▶ Work instruction: List each line of the data that holds the word "VECTOR".

▶ Material shown:
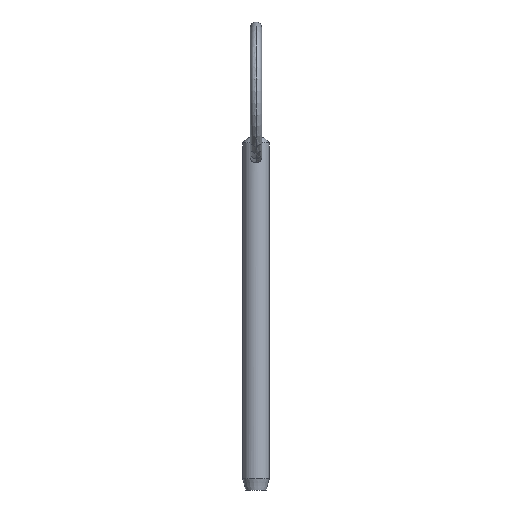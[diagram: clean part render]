
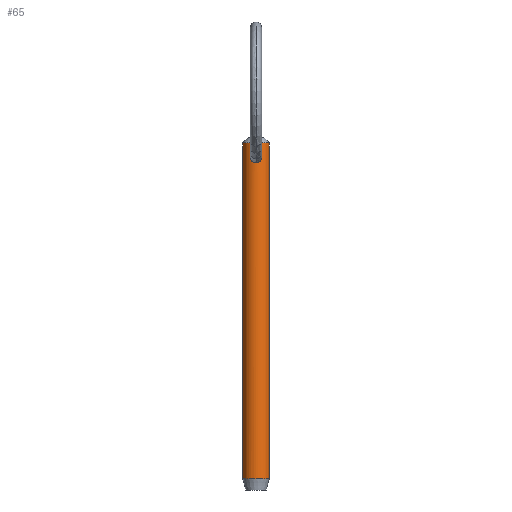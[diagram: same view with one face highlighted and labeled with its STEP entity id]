
A CAD part, front view. The second image highlights one B-rep face of the part: STEP entity #65.
In plain terms, the highlighted cylindrical face has radius 2.38 mm (diameter 4.76 mm), a partial arc.
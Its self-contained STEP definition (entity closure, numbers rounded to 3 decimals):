
#2 = ORIENTED_EDGE ( 'NONE', *, *, #11, .T. ) ;
#5 = CARTESIAN_POINT ( 'NONE',  ( -2.38, 0., 57.04 ) ) ;
#6 = CARTESIAN_POINT ( 'NONE',  ( -0.514, -2.327, 53.649 ) ) ;
#11 = EDGE_CURVE ( 'NONE', #461, #380, #192, .T. ) ;
#29 = CARTESIAN_POINT ( 'NONE',  ( 0.615, -2.301, 55.344 ) ) ;
#59 = EDGE_CURVE ( 'NONE', #297, #249, #182, .T. ) ;
#64 = CARTESIAN_POINT ( 'NONE',  ( 0.996, -2.162, 54.664 ) ) ;
#65 = ADVANCED_FACE ( 'NONE', ( #231, #221 ), #401, .T. ) ;
#67 = CARTESIAN_POINT ( 'NONE',  ( 0.966, -2.176, 54.797 ) ) ;
#71 = CARTESIAN_POINT ( 'NONE',  ( 0.811, -2.24, 53.906 ) ) ;
#72 = CARTESIAN_POINT ( 'NONE',  ( -0.267, -2.368, 55.537 ) ) ;
#73 = VERTEX_POINT ( 'NONE', #460 ) ;
#74 = CARTESIAN_POINT ( 'NONE',  ( 0., -2.38, 55.568 ) ) ;
#80 = DIRECTION ( 'NONE',  ( 0., 0., 1. ) ) ;
#88 = DIRECTION ( 'NONE',  ( 0., 0., -1. ) ) ;
#93 = AXIS2_PLACEMENT_3D ( 'NONE', #351, #313, #393 ) ;
#99 = EDGE_LOOP ( 'NONE', ( #378, #327, #2, #357 ) ) ;
#105 = CARTESIAN_POINT ( 'NONE',  ( 2.38, 0., -3.08 ) ) ;
#106 = EDGE_LOOP ( 'NONE', ( #196, #470 ) ) ;
#111 = CARTESIAN_POINT ( 'NONE',  ( 0., -2.38, 53.525 ) ) ;
#117 = CARTESIAN_POINT ( 'NONE',  ( -0.134, -2.38, 55.568 ) ) ;
#125 = CARTESIAN_POINT ( 'NONE',  ( 0., 0., 53.3 ) ) ;
#132 = CARTESIAN_POINT ( 'NONE',  ( 0., -2.38, 55.568 ) ) ;
#141 = CARTESIAN_POINT ( 'NONE',  ( 2.38, 0., 57.04 ) ) ;
#142 = CARTESIAN_POINT ( 'NONE',  ( 1.003, -2.158, 54.399 ) ) ;
#149 = CARTESIAN_POINT ( 'NONE',  ( 0., -2.38, 53.525 ) ) ;
#155 = CARTESIAN_POINT ( 'NONE',  ( -0.88, -2.219, 55.06 ) ) ;
#160 = CARTESIAN_POINT ( 'NONE',  ( -0.133, -2.38, 53.525 ) ) ;
#171 = AXIS2_PLACEMENT_3D ( 'NONE', #125, #344, #379 ) ;
#182 = LINE ( 'NONE', #302, #355 ) ;
#189 = CARTESIAN_POINT ( 'NONE',  ( 0.865, -2.218, 55.04 ) ) ;
#192 = LINE ( 'NONE', #382, #298 ) ;
#193 = CARTESIAN_POINT ( 'NONE',  ( -0.613, -2.302, 55.346 ) ) ;
#195 = CARTESIAN_POINT ( 'NONE',  ( -0.268, -2.368, 53.551 ) ) ;
#196 = ORIENTED_EDGE ( 'NONE', *, *, #364, .T. ) ;
#221 = FACE_BOUND ( 'NONE', #106, .T. ) ;
#222 = CARTESIAN_POINT ( 'NONE',  ( 0.268, -2.368, 53.551 ) ) ;
#231 = FACE_OUTER_BOUND ( 'NONE', #99, .T. ) ;
#241 = CARTESIAN_POINT ( 'NONE',  ( 0., -2.38, 55.568 ) ) ;
#246 = EDGE_CURVE ( 'NONE', #297, #461, #309, .T. ) ;
#249 = VERTEX_POINT ( 'NONE', #105 ) ;
#257 = CARTESIAN_POINT ( 'NONE',  ( -2.38, 0., -3.08 ) ) ;
#268 = B_SPLINE_CURVE_WITH_KNOTS ( 'NONE', 3,
 ( #241, #312, #400, #290, #29, #322, #189, #67, #64, #142, #287, #436, #71, #402, #434, #222, #324, #149 ),
 .UNSPECIFIED., .F., .F.,
 ( 4, 2, 2, 2, 2, 2, 2, 2, 4 ),
 ( 0.003, 0.003, 0.003, 0.004, 0.004, 0.005, 0.005, 0.005, 0.006 ),
 .UNSPECIFIED. ) ;
#272 = VERTEX_POINT ( 'NONE', #132 ) ;
#287 = CARTESIAN_POINT ( 'NONE',  ( 0.981, -2.169, 54.264 ) ) ;
#290 = CARTESIAN_POINT ( 'NONE',  ( 0.508, -2.328, 55.424 ) ) ;
#293 = CARTESIAN_POINT ( 'NONE',  ( -0.505, -2.329, 55.426 ) ) ;
#297 = VERTEX_POINT ( 'NONE', #141 ) ;
#298 = VECTOR ( 'NONE', #88, 1000. ) ;
#302 = CARTESIAN_POINT ( 'NONE',  ( 2.38, 0., 53.3 ) ) ;
#308 = B_SPLINE_CURVE_WITH_KNOTS ( 'NONE', 3,
 ( #111, #160, #195, #6, #443, #448, #441, #334, #331, #367, #155, #193, #293, #72, #117, #74 ),
 .UNSPECIFIED., .F., .F.,
 ( 4, 2, 2, 2, 2, 2, 2, 4 ),
 ( 0.006, 0.006, 0.007, 0.007, 0.007, 0.008, 0.009, 0.009 ),
 .UNSPECIFIED. ) ;
#309 = CIRCLE ( 'NONE', #93, 2.38 ) ;
#312 = CARTESIAN_POINT ( 'NONE',  ( 0.134, -2.38, 55.568 ) ) ;
#313 = DIRECTION ( 'NONE',  ( 0., 0., -1. ) ) ;
#322 = CARTESIAN_POINT ( 'NONE',  ( 0.793, -2.246, 55.152 ) ) ;
#324 = CARTESIAN_POINT ( 'NONE',  ( 0.133, -2.38, 53.525 ) ) ;
#326 = AXIS2_PLACEMENT_3D ( 'NONE', #410, #80, #449 ) ;
#327 = ORIENTED_EDGE ( 'NONE', *, *, #246, .T. ) ;
#331 = CARTESIAN_POINT ( 'NONE',  ( -1.004, -2.158, 54.399 ) ) ;
#334 = CARTESIAN_POINT ( 'NONE',  ( -0.982, -2.169, 54.265 ) ) ;
#344 = DIRECTION ( 'NONE',  ( 0., 0., -1. ) ) ;
#351 = CARTESIAN_POINT ( 'NONE',  ( 0., 0., 57.04 ) ) ;
#355 = VECTOR ( 'NONE', #419, 1000. ) ;
#357 = ORIENTED_EDGE ( 'NONE', *, *, #374, .T. ) ;
#364 = EDGE_CURVE ( 'NONE', #272, #73, #268, .T. ) ;
#367 = CARTESIAN_POINT ( 'NONE',  ( -0.991, -2.164, 54.801 ) ) ;
#374 = EDGE_CURVE ( 'NONE', #380, #249, #407, .T. ) ;
#378 = ORIENTED_EDGE ( 'NONE', *, *, #59, .F. ) ;
#379 = DIRECTION ( 'NONE',  ( -1., 0., 0. ) ) ;
#380 = VERTEX_POINT ( 'NONE', #257 ) ;
#382 = CARTESIAN_POINT ( 'NONE',  ( -2.38, 0., 53.3 ) ) ;
#393 = DIRECTION ( 'NONE',  ( 1., 0., 0. ) ) ;
#400 = CARTESIAN_POINT ( 'NONE',  ( 0.268, -2.368, 55.537 ) ) ;
#401 = CYLINDRICAL_SURFACE ( 'NONE', #171, 2.38 ) ;
#402 = CARTESIAN_POINT ( 'NONE',  ( 0.625, -2.299, 53.721 ) ) ;
#403 = EDGE_CURVE ( 'NONE', #73, #272, #308, .T. ) ;
#407 = CIRCLE ( 'NONE', #326, 2.38 ) ;
#410 = CARTESIAN_POINT ( 'NONE',  ( 0., 0., -3.08 ) ) ;
#419 = DIRECTION ( 'NONE',  ( 0., 0., -1. ) ) ;
#434 = CARTESIAN_POINT ( 'NONE',  ( 0.513, -2.327, 53.648 ) ) ;
#436 = CARTESIAN_POINT ( 'NONE',  ( 0.885, -2.21, 54.017 ) ) ;
#441 = CARTESIAN_POINT ( 'NONE',  ( -0.885, -2.21, 54.017 ) ) ;
#443 = CARTESIAN_POINT ( 'NONE',  ( -0.626, -2.298, 53.722 ) ) ;
#448 = CARTESIAN_POINT ( 'NONE',  ( -0.811, -2.24, 53.906 ) ) ;
#449 = DIRECTION ( 'NONE',  ( -1., 0., 0. ) ) ;
#460 = CARTESIAN_POINT ( 'NONE',  ( 0., -2.38, 53.525 ) ) ;
#461 = VERTEX_POINT ( 'NONE', #5 ) ;
#470 = ORIENTED_EDGE ( 'NONE', *, *, #403, .T. ) ;

▶ Answer to this exercise:
#298 = VECTOR ( 'NONE', #88, 1000. ) ;
#355 = VECTOR ( 'NONE', #419, 1000. ) ;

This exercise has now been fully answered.